If Bill Gates decided to run the applications company, it is difficult to imagine him trying to undermine the Windows operating system he built up and protected for so long by trying aggressively to sell products to other emerging platforms such as the free alternative, Linux. And will the two companies still be based on the same campus at Redmond with the same or adjacent canteens?
Yet, properly handled, this judgment could unleash submerged creative forces among the thousands of highly skilled Microsoft employees. As Walter Mossberg of the Wall Street Journal has pointed out, some of Microsoft's best products, such as Internet Explorer and Money, have emerged when the company has faced real competitive pressures.
The breakup of Microsoft would open countless new opportunities for software developers all over the world. At the moment no venture capitalist is going fund startups trying to sell rival spreadsheets, word processors or browsers against the might of Microsoft's integrated monopoly. New products in these areas have very little chance against the integrated packages that Microsoft offers locked into its own operating system.
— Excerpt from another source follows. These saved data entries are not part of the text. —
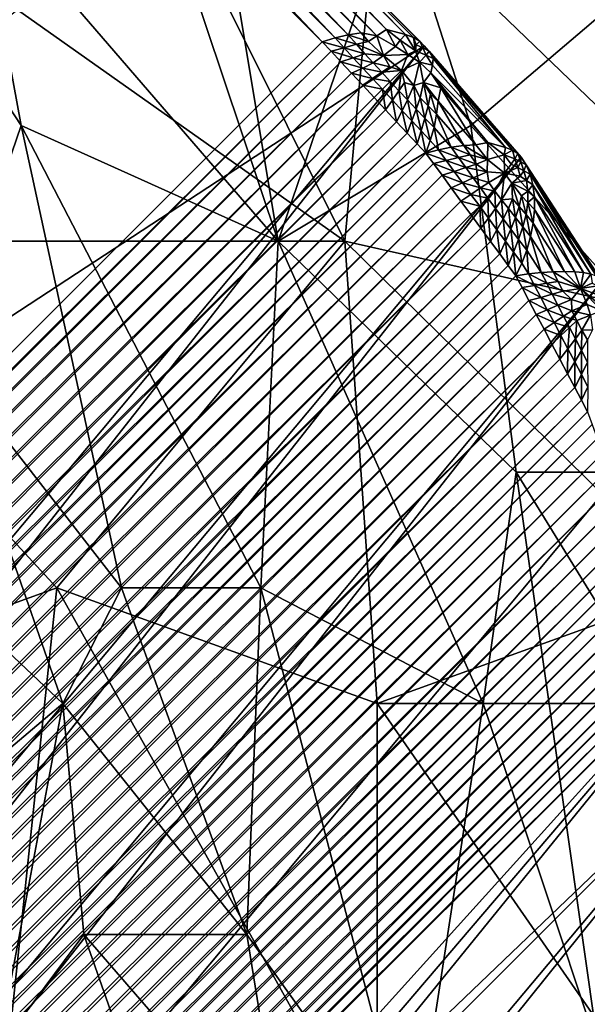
# Model space of a CAD drawing. Extents: x -160 to 10, y -10 to 160.
# Tile 408 of 450: x 0.23139 to 0.23726, y 0.18922 to 0.1994. Entities that reach past the tile are written whole.
import ezdxf

# ---------------------------------------------------------------- set-up
doc = ezdxf.new("R2010")
doc.units = 0

msp = doc.modelspace()

# ---------------------------------------------------------------- linework, layer by layer
for points in [[(0.230963, 0.200692, 0.830715), (0.231256, 0.205469, 0.841643), (0.234059, 0.197109, 0.841643)], [(0.234059, 0.197109, 0.841643), (0.231256, 0.205469, 0.841643), (0.232664, 0.205469, 0.847888)], [(0.232664, 0.205469, 0.847888), (0.235282, 0.200692, 0.851011), (0.234059, 0.197109, 0.841643)], [(0.193398, 0.171521, 0.5775), (0.235571, 0.199128, 0.000783), (0.231347, 0.203354, 0.000783)], [(0.235524, 0.199175, 0.000661), (0.231393, 0.203307, 0.000661), (0.231347, 0.203354, 0.000783)], [(0.235524, 0.199175, 0.000661), (0.231347, 0.203354, 0.000783), (0.235571, 0.199128, 0.000783)], [(0.23546, 0.199214, 0.000541), (0.231432, 0.203243, 0.000541), (0.231393, 0.203307, 0.000661)], [(0.23546, 0.199214, 0.000541), (0.231393, 0.203307, 0.000661), (0.235524, 0.199175, 0.000661)], [(0.235378, 0.199243, 0.000428), (0.231461, 0.20316, 0.000428), (0.231432, 0.203243, 0.000541)], [(0.235378, 0.199243, 0.000428), (0.231432, 0.203243, 0.000541), (0.23546, 0.199214, 0.000541)], [(0.23518, 0.199295, 0.000259), (0.231481, 0.203062, 0.000323), (0.231461, 0.20316, 0.000428)], [(0.23518, 0.199295, 0.000259), (0.231461, 0.20316, 0.000428), (0.235378, 0.199243, 0.000428)], [(0.234748, 0.197109, 1.175744), (0.231775, 0.203081, 1.175004), (0.231366, 0.199498, 1.174183)], [(0.23518, 0.199295, 0.000259), (0.231491, 0.202951, 0.000229), (0.231481, 0.203062, 0.000323)], [(0.235085, 0.200692, 1.176345), (0.231775, 0.203081, 1.175004), (0.234748, 0.197109, 1.175744)], [(0.235079, 0.199231, 0.000146), (0.231489, 0.202829, 0.00015), (0.231491, 0.202951, 0.000229)], [(0.235079, 0.199231, 0.000146), (0.231491, 0.202951, 0.000229), (0.23518, 0.199295, 0.000259)], [(0.234918, 0.19926, 0.000086), (0.231478, 0.2027, 0.000086), (0.231489, 0.202829, 0.00015)], [(0.234918, 0.19926, 0.000086), (0.231489, 0.202829, 0.00015), (0.235079, 0.199231, 0.000146)], [(0.234784, 0.199239, 0.000039), (0.231457, 0.202566, 0.000039), (0.231478, 0.2027, 0.000086)], [(0.234784, 0.199239, 0.000039), (0.231478, 0.2027, 0.000086), (0.234918, 0.19926, 0.000086)], [(0.23465, 0.199208, 0.00001), (0.231425, 0.202432, 0.00001), (0.231457, 0.202566, 0.000039)], [(0.23465, 0.199208, 0.00001), (0.231457, 0.202566, 0.000039), (0.234784, 0.199239, 0.000039)], [(0.234517, 0.199168), (0.231386, 0.2023), (0.231425, 0.202432, 0.00001)], [(0.234517, 0.199168), (0.231425, 0.202432, 0.00001), (0.23465, 0.199208, 0.00001)], [(0.231386, 0.2023), (0.234517, 0.199168), (0.203865, 0.168515)], [(0.229836, 0.200692, 0.822909), (0.230963, 0.200692, 0.830715), (0.231404, 0.198304, 0.829154)], [(0.230585, 0.195915, 0.819786), (0.229836, 0.200692, 0.822909), (0.231404, 0.198304, 0.829154)], [(0.231404, 0.198304, 0.829154), (0.230963, 0.200692, 0.830715), (0.234059, 0.197109, 0.841643)], [(0.234059, 0.197109, 0.841643), (0.235282, 0.200692, 0.851011), (0.236052, 0.198304, 0.851011)], [(0.240051, 0.195915, 1.178719), (0.235085, 0.200692, 1.176345), (0.234748, 0.197109, 1.175744)], [(0.235085, 0.200692, 1.176345), (0.240051, 0.195915, 1.178719), (0.238396, 0.200692, 1.178054)], [(0.236052, 0.198304, 0.851011), (0.235282, 0.200692, 0.851011), (0.237458, 0.199498, 0.857256)], [(0.228464, 0.197109, 1.171815), (0.234748, 0.197109, 1.175744), (0.231366, 0.199498, 1.174183)], [(0.239243, 0.194721, 0.858817), (0.236052, 0.198304, 0.851011), (0.237458, 0.199498, 0.857256)], [(0.235079, 0.199231, 0.000146), (0.23518, 0.199295, 0.000259), (0.235274, 0.19912, 0.000187)], [(0.23532, 0.199186, 0.000287), (0.235274, 0.19912, 0.000187), (0.23518, 0.199295, 0.000259)], [(0.235378, 0.199243, 0.000428), (0.23532, 0.199186, 0.000287), (0.23518, 0.199295, 0.000259)], [(0.234517, 0.199168), (0.23465, 0.199208, 0.00001), (0.234742, 0.199106, 0.000021)], [(0.23465, 0.199208, 0.00001), (0.234784, 0.199239, 0.000039), (0.234871, 0.199142, 0.000049)], [(0.23465, 0.199208, 0.00001), (0.234871, 0.199142, 0.000049), (0.234742, 0.199106, 0.000021)], [(0.234784, 0.199239, 0.000039), (0.234918, 0.19926, 0.000086), (0.234995, 0.199172, 0.000088)], [(0.234784, 0.199239, 0.000039), (0.234995, 0.199172, 0.000088), (0.234871, 0.199142, 0.000049)], [(0.234871, 0.199142, 0.000049), (0.234995, 0.199172, 0.000088), (0.235149, 0.199025, 0.000099)], [(0.234918, 0.19926, 0.000086), (0.235079, 0.199231, 0.000146), (0.234995, 0.199172, 0.000088)], [(0.234995, 0.199172, 0.000088), (0.235079, 0.199231, 0.000146), (0.235149, 0.199025, 0.000099)], [(0.235079, 0.199231, 0.000146), (0.235274, 0.19912, 0.000187), (0.235149, 0.199025, 0.000099)], [(0.23532, 0.199186, 0.000287), (0.2354, 0.199037, 0.000214), (0.235274, 0.19912, 0.000187)], [(0.235378, 0.199243, 0.000428), (0.235481, 0.199075, 0.000356), (0.23532, 0.199186, 0.000287)], [(0.235481, 0.199075, 0.000356), (0.2354, 0.199037, 0.000214), (0.23532, 0.199186, 0.000287)], [(0.23546, 0.199214, 0.000541), (0.235481, 0.199075, 0.000356), (0.235378, 0.199243, 0.000428)], [(0.235524, 0.199175, 0.000661), (0.235486, 0.199136, 0.000468), (0.23546, 0.199214, 0.000541)], [(0.23546, 0.199214, 0.000541), (0.235486, 0.199136, 0.000468), (0.235481, 0.199075, 0.000356)], [(0.235524, 0.199175, 0.000661), (0.235556, 0.199104, 0.000566), (0.235486, 0.199136, 0.000468)], [(0.235571, 0.199128, 0.000783), (0.235556, 0.199104, 0.000566), (0.235524, 0.199175, 0.000661)], [(0.193398, 0.171521, 0.5775), (0.203738, 0.161181, 0.5775), (0.235571, 0.199128, 0.000783)], [(0.204774, 0.160001, 0.577485), (0.235571, 0.199128, 0.000783), (0.203738, 0.161181, 0.5775)], [(0.203865, 0.168515), (0.234517, 0.199168), (0.234608, 0.199071, 0.000001)], [(0.203865, 0.168515), (0.234608, 0.199071, 0.000001), (0.203961, 0.168424, 0.000001)], [(0.203961, 0.168424, 0.000001), (0.234608, 0.199071, 0.000001), (0.234709, 0.198962, 0.000003)], [(0.204774, 0.160001, 0.577485), (0.236572, 0.197975, 0.000887), (0.235571, 0.199128, 0.000783)], [(0.234517, 0.199168), (0.234742, 0.199106, 0.000021), (0.234608, 0.199071, 0.000001)], [(0.234608, 0.199071, 0.000001), (0.234742, 0.199106, 0.000021), (0.234837, 0.199003, 0.000028)], [(0.234608, 0.199071, 0.000001), (0.234837, 0.199003, 0.000028), (0.234709, 0.198962, 0.000003)], [(0.234742, 0.199106, 0.000021), (0.234871, 0.199142, 0.000049), (0.234957, 0.199045, 0.000056)], [(0.234742, 0.199106, 0.000021), (0.234957, 0.199045, 0.000056), (0.234837, 0.199003, 0.000028)], [(0.234871, 0.199142, 0.000049), (0.235149, 0.199025, 0.000099), (0.234957, 0.199045, 0.000056)], [(0.2354, 0.199037, 0.000214), (0.235149, 0.199025, 0.000099), (0.235274, 0.19912, 0.000187)], [(0.235481, 0.199075, 0.000356), (0.235522, 0.198958, 0.000271), (0.2354, 0.199037, 0.000214)], [(0.235556, 0.199104, 0.000566), (0.235481, 0.199075, 0.000356), (0.235486, 0.199136, 0.000468)], [(0.235556, 0.199104, 0.000566), (0.235591, 0.199029, 0.000471), (0.235481, 0.199075, 0.000356)], [(0.235591, 0.199029, 0.000471), (0.235522, 0.198958, 0.000271), (0.235481, 0.199075, 0.000356)], [(0.235571, 0.199128, 0.000783), (0.23562, 0.199071, 0.000665), (0.235556, 0.199104, 0.000566)], [(0.23562, 0.199071, 0.000665), (0.235591, 0.199029, 0.000471), (0.235556, 0.199104, 0.000566)], [(0.236537, 0.198015, 0.000761), (0.23562, 0.199071, 0.000665), (0.235571, 0.199128, 0.000783)], [(0.236537, 0.198015, 0.000761), (0.235571, 0.199128, 0.000783), (0.236572, 0.197975, 0.000887)], [(0.23562, 0.199071, 0.000665), (0.235661, 0.198997, 0.000551), (0.235591, 0.199029, 0.000471)], [(0.236483, 0.19805, 0.000636), (0.235661, 0.198997, 0.000551), (0.23562, 0.199071, 0.000665)], [(0.236483, 0.19805, 0.000636), (0.23562, 0.199071, 0.000665), (0.236537, 0.198015, 0.000761)], [(0.234709, 0.198962, 0.000003), (0.234837, 0.199003, 0.000028), (0.234934, 0.198897, 0.000031)], [(0.234837, 0.199003, 0.000028), (0.234957, 0.199045, 0.000056), (0.235044, 0.198949, 0.000059)], [(0.234837, 0.199003, 0.000028), (0.235044, 0.198949, 0.000059), (0.234934, 0.198897, 0.000031)], [(0.234957, 0.199045, 0.000056), (0.235149, 0.199025, 0.000099), (0.235044, 0.198949, 0.000059)], [(0.235044, 0.198949, 0.000059), (0.235149, 0.199025, 0.000099), (0.235216, 0.19891, 0.000088)], [(0.2354, 0.199037, 0.000214), (0.235334, 0.198872, 0.000114), (0.235149, 0.199025, 0.000099)], [(0.235149, 0.199025, 0.000099), (0.235334, 0.198872, 0.000114), (0.235216, 0.19891, 0.000088)], [(0.2354, 0.199037, 0.000214), (0.235522, 0.198958, 0.000271), (0.235334, 0.198872, 0.000114)], [(0.235591, 0.199029, 0.000471), (0.235656, 0.198925, 0.000413), (0.235522, 0.198958, 0.000271)], [(0.235661, 0.198997, 0.000551), (0.235656, 0.198925, 0.000413), (0.235591, 0.199029, 0.000471)], [(0.23641, 0.198076, 0.000517), (0.235656, 0.198925, 0.000413), (0.235661, 0.198997, 0.000551)], [(0.23641, 0.198076, 0.000517), (0.235661, 0.198997, 0.000551), (0.236483, 0.19805, 0.000636)], [(0.203961, 0.168424, 0.000001), (0.234709, 0.198962, 0.000003), (0.204069, 0.168322, 0.000003)], [(0.204069, 0.168322, 0.000003), (0.234709, 0.198962, 0.000003), (0.234818, 0.198844, 0.000006)], [(0.234709, 0.198962, 0.000003), (0.234934, 0.198897, 0.000031), (0.234818, 0.198844, 0.000006)], [(0.234818, 0.198844, 0.000006), (0.234934, 0.198897, 0.000031), (0.235035, 0.198788, 0.000034)], [(0.234934, 0.198897, 0.000031), (0.235044, 0.198949, 0.000059), (0.235131, 0.198853, 0.00006)], [(0.234934, 0.198897, 0.000031), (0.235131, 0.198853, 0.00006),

What beggars belief is Microsoft's almost total inability to see, let alone admit, that it has done anything wrong despite the devastating catalogue of uncompetitive practices that the department of justice has unearthed.
Microsoft's self-interest dictates that it will oppose this judgment. The longer it delays the start of the split, the longer it will take to finish it. And even when the split is completed it will be years before effective competition can undermine the armlock that both new companies will have on their customers. It will be a major decision for companies to abandon the Windows system they are locked into. During this time, the industry Microsoft has dominated for so long will be shifting its field of battle to the internet, which Microsoft hopes will strengthen its argument that the justice department does not understand the dynamics of the industry.
Above all, Microsoft has reason to stall because the longer it does the longer it hangs on to its monopoly profits. Remember, the bottom line of all this is that Microsoft has been earning far higher profits than it should have been in virtue of its monopoly position. Should some of them not be handed back so they do not continue to give the two companies an advantageous war chest?
If the judge started to threaten huge backdated fines based on the scale of its monopoly profits Microsoft might have a vested interest in taking the judgment of the court more seriously.